Batting his hand away, she jolted to a stand and back-peddled to the rail.
Gary’s face pinched with concern, “What’s gotten into you Dust, you okay?” Her eyes darted towards Richie and back to her father. Stammering she bleated,”Uncle Richie, he he-”.
Hurt me?
Scared me?
Drunk?
Dusty paused to recollect her thoughts. She knew telling any of this to her father would just cause more issues. Maybe he was drunk? He’d never acted like this before. Telling her pops would just result in some kind of drama, and she’d had enough of that when her parents split. Plus, when he wasn’t trying to throw her belongings in the water, Uncle Richie sure helped the day pass a lot faster. Why can’t adults just get along?
“He helped me a lot dad!” she finally yelped.
Gary’s eyes narrowed and he pursed his lips, “What’s really going on? You’re back here as jittery as a silverfish. I know you, and you know me, so how about you shoot me the truth?”
Wearing her best plastic smile she blurted, “Uncle Richie just set a good pace, we both got into that ‘work zone’ you tell me about, and I was just really really focused and trying to hurry.” In unison, Dusty and Gary looked at Richie as he shrugged with his hands up.

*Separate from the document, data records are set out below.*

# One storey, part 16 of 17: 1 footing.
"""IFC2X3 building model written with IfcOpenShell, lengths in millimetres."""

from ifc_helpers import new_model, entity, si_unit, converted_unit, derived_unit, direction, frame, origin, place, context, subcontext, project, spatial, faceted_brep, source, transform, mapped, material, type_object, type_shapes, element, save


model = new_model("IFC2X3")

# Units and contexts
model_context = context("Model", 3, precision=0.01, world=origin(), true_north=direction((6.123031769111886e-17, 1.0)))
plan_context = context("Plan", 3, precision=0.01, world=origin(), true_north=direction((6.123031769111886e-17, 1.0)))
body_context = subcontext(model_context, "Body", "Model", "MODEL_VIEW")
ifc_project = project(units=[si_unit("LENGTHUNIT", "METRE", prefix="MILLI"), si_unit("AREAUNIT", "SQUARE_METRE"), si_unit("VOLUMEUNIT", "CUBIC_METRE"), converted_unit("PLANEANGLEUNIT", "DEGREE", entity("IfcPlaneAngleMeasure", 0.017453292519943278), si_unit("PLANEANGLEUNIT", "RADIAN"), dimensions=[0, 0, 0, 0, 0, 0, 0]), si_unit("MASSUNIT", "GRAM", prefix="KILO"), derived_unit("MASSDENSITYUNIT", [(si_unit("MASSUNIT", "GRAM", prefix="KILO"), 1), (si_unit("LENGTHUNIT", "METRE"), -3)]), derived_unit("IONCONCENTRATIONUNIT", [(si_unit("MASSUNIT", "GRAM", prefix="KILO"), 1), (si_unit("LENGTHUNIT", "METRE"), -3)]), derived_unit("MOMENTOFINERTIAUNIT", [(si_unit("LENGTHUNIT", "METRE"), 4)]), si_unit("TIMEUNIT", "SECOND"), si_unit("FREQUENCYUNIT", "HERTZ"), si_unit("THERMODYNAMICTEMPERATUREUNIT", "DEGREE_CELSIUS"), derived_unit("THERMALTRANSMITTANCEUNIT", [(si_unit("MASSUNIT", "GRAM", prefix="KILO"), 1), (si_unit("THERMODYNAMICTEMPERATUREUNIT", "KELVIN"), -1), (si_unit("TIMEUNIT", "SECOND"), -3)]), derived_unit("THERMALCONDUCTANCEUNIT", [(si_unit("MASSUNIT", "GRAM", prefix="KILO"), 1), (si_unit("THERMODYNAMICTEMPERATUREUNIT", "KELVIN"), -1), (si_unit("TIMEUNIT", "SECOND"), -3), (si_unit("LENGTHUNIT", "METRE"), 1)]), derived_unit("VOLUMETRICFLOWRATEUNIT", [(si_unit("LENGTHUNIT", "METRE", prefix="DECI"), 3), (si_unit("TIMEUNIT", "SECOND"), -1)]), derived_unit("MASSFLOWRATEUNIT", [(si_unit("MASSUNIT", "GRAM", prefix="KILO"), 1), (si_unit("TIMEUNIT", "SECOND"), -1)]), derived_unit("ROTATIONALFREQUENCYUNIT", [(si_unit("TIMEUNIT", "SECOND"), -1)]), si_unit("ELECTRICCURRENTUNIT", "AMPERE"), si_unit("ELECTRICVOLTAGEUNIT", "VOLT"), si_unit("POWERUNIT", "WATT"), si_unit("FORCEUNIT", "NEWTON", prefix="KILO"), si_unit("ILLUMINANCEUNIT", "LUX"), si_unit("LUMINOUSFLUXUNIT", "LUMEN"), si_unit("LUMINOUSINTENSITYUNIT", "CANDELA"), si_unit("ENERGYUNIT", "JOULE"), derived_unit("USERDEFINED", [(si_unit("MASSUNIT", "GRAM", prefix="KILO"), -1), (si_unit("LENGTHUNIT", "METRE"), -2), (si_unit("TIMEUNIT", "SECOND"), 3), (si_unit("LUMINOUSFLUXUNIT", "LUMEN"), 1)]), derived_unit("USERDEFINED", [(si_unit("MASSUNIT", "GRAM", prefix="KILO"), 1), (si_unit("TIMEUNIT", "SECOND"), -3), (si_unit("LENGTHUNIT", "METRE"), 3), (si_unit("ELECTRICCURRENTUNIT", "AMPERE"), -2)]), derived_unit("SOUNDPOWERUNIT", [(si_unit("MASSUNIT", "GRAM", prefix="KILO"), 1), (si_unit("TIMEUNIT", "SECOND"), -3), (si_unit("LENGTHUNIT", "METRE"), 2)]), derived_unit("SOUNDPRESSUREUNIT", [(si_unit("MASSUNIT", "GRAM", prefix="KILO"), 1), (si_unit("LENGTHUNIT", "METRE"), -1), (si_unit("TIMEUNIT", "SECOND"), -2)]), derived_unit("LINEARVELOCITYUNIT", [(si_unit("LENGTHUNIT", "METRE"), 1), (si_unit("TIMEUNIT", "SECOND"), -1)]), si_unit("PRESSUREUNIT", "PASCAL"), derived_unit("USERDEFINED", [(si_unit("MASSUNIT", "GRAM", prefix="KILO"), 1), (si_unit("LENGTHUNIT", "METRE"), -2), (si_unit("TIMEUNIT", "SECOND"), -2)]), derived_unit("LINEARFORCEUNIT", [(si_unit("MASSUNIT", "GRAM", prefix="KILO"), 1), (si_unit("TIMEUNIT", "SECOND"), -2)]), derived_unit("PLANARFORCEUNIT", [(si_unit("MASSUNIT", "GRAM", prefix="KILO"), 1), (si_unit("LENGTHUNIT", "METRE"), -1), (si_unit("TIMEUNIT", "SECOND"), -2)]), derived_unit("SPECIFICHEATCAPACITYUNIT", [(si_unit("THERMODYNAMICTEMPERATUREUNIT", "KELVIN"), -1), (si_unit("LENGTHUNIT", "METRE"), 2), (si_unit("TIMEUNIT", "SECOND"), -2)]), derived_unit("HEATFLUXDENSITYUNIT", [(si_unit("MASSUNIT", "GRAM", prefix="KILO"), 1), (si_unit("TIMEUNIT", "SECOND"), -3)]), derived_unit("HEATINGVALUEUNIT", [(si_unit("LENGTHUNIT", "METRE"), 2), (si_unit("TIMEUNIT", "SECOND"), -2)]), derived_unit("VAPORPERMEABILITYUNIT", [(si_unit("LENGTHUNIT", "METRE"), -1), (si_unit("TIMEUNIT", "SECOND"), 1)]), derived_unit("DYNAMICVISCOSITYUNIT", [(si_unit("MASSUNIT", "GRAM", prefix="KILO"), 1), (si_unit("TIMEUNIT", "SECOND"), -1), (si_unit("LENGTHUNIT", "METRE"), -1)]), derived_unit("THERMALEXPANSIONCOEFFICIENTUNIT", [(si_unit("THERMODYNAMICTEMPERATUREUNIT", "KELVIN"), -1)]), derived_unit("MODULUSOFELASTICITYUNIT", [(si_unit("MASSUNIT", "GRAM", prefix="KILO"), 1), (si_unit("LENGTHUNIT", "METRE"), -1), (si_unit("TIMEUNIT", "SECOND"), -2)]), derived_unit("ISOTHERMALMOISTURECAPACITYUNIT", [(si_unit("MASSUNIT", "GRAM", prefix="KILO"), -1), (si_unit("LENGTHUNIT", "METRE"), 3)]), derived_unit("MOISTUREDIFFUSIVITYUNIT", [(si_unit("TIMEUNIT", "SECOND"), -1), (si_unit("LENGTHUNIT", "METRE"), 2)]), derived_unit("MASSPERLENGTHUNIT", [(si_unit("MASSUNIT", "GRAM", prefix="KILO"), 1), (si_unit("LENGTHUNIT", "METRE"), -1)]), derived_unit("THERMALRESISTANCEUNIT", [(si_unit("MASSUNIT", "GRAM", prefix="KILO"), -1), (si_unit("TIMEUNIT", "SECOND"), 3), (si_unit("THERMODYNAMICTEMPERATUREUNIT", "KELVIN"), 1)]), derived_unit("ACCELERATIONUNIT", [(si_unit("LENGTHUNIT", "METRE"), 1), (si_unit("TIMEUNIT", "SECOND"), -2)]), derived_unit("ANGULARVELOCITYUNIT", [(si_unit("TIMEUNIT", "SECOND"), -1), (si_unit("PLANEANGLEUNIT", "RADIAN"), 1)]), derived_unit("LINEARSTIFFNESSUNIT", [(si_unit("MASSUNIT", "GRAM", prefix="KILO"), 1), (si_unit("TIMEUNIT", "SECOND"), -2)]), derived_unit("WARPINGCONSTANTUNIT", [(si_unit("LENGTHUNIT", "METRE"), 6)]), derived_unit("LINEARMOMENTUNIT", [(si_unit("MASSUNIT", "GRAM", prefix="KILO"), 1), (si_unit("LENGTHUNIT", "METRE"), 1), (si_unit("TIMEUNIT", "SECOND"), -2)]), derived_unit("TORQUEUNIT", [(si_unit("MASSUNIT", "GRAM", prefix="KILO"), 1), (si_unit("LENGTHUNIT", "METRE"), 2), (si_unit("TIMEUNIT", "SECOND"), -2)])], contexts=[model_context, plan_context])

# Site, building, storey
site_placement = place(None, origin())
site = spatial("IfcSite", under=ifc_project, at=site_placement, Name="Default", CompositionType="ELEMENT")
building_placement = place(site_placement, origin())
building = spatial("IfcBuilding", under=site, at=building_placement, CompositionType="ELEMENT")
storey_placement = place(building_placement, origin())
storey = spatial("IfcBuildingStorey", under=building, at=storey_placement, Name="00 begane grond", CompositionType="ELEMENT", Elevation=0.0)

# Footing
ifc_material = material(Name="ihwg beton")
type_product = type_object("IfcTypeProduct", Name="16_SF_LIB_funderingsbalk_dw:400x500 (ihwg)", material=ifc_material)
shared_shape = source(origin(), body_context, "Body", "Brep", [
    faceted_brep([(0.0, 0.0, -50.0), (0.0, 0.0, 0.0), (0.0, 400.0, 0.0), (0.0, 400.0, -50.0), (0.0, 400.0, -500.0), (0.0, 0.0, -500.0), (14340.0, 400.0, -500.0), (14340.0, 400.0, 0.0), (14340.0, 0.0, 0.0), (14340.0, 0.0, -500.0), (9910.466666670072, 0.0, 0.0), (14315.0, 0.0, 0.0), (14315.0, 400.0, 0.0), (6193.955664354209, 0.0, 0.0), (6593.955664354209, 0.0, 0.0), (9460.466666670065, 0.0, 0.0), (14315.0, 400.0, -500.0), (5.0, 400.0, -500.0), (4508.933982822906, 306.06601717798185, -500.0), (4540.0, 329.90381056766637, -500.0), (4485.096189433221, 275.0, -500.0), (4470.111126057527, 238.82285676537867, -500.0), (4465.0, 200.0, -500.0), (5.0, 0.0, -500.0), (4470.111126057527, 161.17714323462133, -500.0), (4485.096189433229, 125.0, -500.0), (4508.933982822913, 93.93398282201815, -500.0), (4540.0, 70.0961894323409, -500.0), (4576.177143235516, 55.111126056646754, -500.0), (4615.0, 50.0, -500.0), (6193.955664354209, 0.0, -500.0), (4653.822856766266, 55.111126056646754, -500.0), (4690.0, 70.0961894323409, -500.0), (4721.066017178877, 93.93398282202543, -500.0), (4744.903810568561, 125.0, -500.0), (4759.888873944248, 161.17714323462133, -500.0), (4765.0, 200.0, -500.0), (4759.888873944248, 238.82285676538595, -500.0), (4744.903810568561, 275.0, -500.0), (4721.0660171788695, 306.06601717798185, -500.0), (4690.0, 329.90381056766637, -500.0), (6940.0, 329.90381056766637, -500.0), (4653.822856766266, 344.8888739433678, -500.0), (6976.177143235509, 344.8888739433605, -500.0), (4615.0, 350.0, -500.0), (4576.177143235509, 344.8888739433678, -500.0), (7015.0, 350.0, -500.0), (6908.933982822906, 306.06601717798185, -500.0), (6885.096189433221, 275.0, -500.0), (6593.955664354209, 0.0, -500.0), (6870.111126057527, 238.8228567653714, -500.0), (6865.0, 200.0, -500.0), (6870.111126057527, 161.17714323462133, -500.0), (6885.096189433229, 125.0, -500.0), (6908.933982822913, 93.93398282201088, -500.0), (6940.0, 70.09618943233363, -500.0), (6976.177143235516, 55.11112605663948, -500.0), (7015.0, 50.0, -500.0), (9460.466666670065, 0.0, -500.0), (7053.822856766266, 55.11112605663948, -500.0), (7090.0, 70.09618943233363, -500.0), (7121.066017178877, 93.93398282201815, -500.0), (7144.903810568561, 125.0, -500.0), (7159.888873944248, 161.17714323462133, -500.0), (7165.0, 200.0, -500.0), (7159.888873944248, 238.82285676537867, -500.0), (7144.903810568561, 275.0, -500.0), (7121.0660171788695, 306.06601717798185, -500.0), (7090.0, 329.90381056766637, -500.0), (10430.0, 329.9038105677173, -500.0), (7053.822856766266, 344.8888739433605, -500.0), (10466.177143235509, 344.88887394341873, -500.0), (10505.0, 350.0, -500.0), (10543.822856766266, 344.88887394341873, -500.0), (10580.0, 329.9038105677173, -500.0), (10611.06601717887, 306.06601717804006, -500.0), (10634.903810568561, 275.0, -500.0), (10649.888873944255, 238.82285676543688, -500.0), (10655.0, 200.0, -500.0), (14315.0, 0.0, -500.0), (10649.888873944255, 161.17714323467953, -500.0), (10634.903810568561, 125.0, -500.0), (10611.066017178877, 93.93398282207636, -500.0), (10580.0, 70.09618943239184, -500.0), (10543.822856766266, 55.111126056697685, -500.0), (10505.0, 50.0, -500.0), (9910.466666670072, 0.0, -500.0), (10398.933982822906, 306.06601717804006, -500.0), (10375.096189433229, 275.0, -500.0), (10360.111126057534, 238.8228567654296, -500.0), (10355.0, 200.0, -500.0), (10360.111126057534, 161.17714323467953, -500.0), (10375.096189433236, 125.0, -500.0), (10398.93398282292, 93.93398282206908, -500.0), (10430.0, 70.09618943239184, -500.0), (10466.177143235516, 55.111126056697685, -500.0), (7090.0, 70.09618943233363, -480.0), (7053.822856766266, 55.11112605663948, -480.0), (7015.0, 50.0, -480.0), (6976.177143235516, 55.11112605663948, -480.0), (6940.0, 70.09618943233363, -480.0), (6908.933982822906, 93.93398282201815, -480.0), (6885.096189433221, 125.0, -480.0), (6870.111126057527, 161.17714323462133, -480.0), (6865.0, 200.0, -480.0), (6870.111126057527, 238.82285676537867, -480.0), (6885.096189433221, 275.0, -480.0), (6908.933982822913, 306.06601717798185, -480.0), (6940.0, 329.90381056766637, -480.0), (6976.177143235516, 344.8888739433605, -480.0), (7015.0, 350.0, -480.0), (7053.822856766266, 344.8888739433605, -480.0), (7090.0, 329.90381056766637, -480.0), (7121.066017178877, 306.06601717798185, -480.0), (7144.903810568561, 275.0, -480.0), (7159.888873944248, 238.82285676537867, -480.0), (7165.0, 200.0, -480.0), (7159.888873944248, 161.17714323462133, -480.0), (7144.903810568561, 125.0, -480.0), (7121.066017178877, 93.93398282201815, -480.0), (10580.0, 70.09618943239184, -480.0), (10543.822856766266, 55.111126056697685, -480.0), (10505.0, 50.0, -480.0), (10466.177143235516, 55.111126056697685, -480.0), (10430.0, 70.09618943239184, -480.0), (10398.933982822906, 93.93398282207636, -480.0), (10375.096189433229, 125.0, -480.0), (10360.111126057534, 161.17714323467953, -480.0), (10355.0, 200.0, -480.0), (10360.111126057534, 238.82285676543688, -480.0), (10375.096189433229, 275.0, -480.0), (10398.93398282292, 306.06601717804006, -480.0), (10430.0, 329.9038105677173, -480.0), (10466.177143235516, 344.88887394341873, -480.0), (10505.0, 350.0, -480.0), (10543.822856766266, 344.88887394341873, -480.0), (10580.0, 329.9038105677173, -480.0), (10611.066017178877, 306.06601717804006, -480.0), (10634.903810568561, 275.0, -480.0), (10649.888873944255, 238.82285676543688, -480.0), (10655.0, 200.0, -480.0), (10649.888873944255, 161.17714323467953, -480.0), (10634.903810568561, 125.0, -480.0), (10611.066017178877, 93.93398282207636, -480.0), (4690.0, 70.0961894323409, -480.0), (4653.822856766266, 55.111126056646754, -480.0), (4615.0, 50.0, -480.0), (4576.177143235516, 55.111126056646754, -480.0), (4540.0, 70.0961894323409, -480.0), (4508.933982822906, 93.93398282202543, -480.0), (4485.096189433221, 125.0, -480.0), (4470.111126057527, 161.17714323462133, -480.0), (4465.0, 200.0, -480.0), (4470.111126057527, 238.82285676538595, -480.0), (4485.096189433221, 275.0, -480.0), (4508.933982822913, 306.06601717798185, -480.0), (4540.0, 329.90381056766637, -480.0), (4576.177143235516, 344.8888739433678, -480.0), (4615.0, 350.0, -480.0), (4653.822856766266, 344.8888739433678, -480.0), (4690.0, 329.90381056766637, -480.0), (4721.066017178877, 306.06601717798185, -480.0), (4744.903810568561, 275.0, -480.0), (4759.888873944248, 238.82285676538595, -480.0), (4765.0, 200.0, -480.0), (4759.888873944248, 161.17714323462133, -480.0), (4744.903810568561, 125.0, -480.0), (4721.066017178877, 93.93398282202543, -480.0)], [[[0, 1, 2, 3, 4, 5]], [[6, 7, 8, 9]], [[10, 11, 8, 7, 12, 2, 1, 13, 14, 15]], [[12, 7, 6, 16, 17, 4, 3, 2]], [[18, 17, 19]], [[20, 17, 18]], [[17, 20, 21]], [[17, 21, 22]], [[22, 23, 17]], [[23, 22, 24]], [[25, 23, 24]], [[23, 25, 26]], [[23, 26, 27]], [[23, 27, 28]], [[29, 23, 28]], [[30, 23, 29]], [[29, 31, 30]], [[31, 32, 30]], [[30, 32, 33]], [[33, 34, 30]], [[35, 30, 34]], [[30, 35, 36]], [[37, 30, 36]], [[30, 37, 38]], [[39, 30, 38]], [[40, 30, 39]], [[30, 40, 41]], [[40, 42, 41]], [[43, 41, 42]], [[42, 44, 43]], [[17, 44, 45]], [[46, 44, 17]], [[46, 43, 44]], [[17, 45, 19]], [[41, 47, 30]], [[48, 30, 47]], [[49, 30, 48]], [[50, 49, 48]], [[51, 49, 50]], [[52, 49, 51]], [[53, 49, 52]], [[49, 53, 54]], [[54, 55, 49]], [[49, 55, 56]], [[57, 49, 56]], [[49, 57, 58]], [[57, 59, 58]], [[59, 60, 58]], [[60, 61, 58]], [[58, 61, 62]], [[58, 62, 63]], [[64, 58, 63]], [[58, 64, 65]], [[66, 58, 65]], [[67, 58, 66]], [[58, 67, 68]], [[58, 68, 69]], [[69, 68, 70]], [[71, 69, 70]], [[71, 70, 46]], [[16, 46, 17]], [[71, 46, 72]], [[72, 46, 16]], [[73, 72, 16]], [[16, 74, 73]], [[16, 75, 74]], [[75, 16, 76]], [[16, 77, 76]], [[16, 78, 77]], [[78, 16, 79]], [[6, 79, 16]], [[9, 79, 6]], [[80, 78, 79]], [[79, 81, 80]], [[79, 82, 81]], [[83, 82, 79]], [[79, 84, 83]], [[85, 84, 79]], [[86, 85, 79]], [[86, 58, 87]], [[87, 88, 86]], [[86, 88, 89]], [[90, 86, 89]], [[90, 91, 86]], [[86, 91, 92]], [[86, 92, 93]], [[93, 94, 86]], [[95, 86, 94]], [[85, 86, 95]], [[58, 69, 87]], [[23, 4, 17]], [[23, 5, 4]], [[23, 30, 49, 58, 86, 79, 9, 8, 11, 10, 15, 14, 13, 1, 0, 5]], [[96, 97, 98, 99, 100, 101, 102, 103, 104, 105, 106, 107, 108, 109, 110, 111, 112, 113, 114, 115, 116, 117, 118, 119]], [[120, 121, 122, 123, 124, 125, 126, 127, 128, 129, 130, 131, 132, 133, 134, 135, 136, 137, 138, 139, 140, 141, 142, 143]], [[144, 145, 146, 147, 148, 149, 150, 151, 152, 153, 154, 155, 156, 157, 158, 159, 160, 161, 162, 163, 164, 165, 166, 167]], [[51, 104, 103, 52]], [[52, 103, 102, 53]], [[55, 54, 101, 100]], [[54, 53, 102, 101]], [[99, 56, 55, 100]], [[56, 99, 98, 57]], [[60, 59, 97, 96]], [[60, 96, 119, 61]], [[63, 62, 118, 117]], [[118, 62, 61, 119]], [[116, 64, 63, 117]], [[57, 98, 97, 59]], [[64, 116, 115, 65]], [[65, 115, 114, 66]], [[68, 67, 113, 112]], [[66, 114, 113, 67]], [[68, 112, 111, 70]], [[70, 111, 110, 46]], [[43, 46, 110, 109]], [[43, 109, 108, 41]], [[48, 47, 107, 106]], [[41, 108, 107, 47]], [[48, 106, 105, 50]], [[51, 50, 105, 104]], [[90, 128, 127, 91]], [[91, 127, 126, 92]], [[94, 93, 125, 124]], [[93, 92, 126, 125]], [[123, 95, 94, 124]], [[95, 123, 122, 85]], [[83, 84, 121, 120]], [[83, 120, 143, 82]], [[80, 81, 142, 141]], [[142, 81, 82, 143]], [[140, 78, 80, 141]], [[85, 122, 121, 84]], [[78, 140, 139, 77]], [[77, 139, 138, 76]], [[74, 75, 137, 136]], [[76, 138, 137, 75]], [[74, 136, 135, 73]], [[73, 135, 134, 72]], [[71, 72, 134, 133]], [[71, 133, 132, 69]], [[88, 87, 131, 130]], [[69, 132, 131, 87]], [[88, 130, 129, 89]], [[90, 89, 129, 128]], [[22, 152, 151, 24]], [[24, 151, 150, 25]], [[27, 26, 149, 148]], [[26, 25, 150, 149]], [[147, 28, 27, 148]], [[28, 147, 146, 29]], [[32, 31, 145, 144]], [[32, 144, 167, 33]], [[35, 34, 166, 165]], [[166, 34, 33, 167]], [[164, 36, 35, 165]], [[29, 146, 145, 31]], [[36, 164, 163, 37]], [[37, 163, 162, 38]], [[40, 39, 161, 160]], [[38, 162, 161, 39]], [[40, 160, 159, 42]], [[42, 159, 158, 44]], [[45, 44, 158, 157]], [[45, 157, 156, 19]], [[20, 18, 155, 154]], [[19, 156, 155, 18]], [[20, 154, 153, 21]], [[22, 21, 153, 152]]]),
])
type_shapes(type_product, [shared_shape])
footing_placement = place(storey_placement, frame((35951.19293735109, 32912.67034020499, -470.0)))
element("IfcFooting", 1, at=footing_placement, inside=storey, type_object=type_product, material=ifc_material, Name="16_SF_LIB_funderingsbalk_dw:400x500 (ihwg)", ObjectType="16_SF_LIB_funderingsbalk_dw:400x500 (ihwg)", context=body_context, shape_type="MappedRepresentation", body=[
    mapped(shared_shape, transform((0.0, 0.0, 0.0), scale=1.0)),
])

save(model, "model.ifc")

“Yeah Gar”, he grinned. “We were just in the zone--and if you would have come up like a ninja on me like you did your daughter, I’d be over the rails and swimming. Count yourself lucky.” Richie flicked his cigarette overboard and disappeared behind the wheelhouse.
“Get two buckets of bait this time, we are gonna string ‘em out long”, Gary barked at Rich. “We got plenty enough cages cleaned, and this’ll be our last pull of the day.”
Her dad flashed a proud smile and a wink, “You did good today “Swee’Pea”.
She hated when he called her that. She wasn’t a fan of Popeye or the funny looking baby. But a real smile broke her face now, and the pride from her daddy’s praise seemed to wash that all away.
Gary put his hand on her shoulder, “You sure you’re okay?”
“Yeah dad, just in the zone”, she gave a wink back.